=== Work required ===
Print the data that follows word for word, leaving out any picture.

=== Data ===
"""

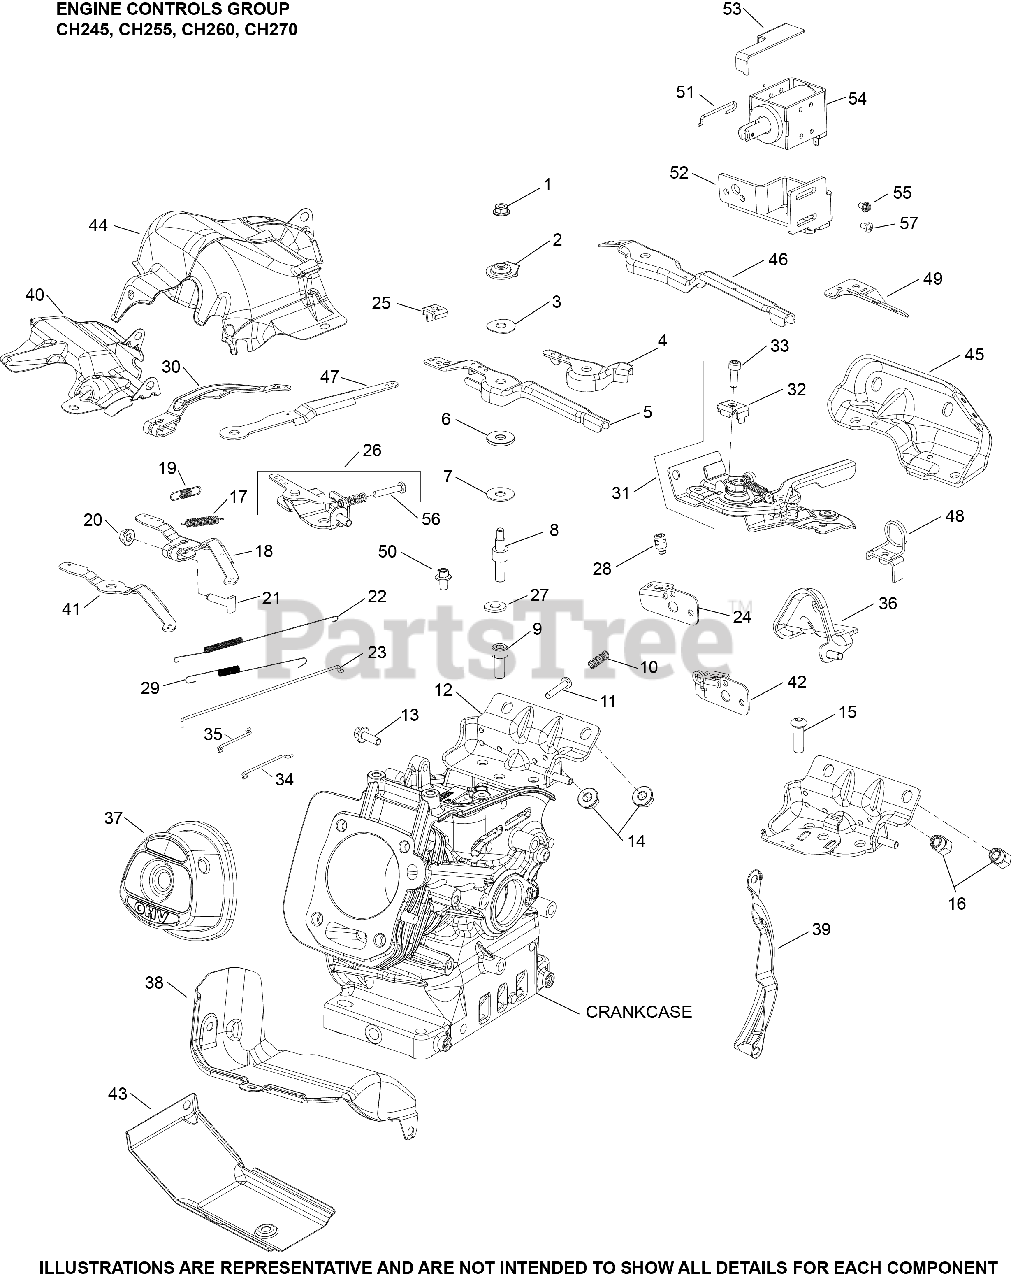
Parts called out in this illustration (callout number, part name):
1	NUT, HEX FLANGE LOCK (M6)
2	WASHER, CONTROL LEVER
3	WASHER, SPRING
5	LEVER, CONTROL THROTTLE
6	WASHER, NYLON CONTROL LEVER
7	WASHER, FLAT
8	STUD, CONTROL LEVER
9	SCREW, HEX SOCKET HD CAP (CKY)
10	SPRING, COMPRESSION
11	SCREW, SPEED ADJUSTING
12	BRACKET, FUEL AND CONTROLS
13	SCREW, M6 X18
14	NUT, FLG M8X1.25
18	KIT, GOVERNOR LEVER
19	SPRING, GOVERNOR
20	NUT, HEX FLANGE (M6) - USE 14 100 16-S
21	SCREW, RECTANGLE HEAD (M6)
22	SPRING, LINKAGE
23	LINKAGE, GOVERNOR
24	BRACKET, CABLE CLAMP
25	CLAMP, CABLE

"""

=== Answer to the exercise ===
Parts called out in this illustration (callout number, part name):
1	NUT, HEX FLANGE LOCK (M6)
2	WASHER, CONTROL LEVER
3	WASHER, SPRING
5	LEVER, CONTROL THROTTLE
6	WASHER, NYLON CONTROL LEVER
7	WASHER, FLAT
8	STUD, CONTROL LEVER
9	SCREW, HEX SOCKET HD CAP (CKY)
10	SPRING, COMPRESSION
11	SCREW, SPEED ADJUSTING
12	BRACKET, FUEL AND CONTROLS
13	SCREW, M6 X18
14	NUT, FLG M8X1.25
18	KIT, GOVERNOR LEVER
19	SPRING, GOVERNOR
20	NUT, HEX FLANGE (M6) - USE 14 100 16-S
21	SCREW, RECTANGLE HEAD (M6)
22	SPRING, LINKAGE
23	LINKAGE, GOVERNOR
24	BRACKET, CABLE CLAMP
25	CLAMP, CABLE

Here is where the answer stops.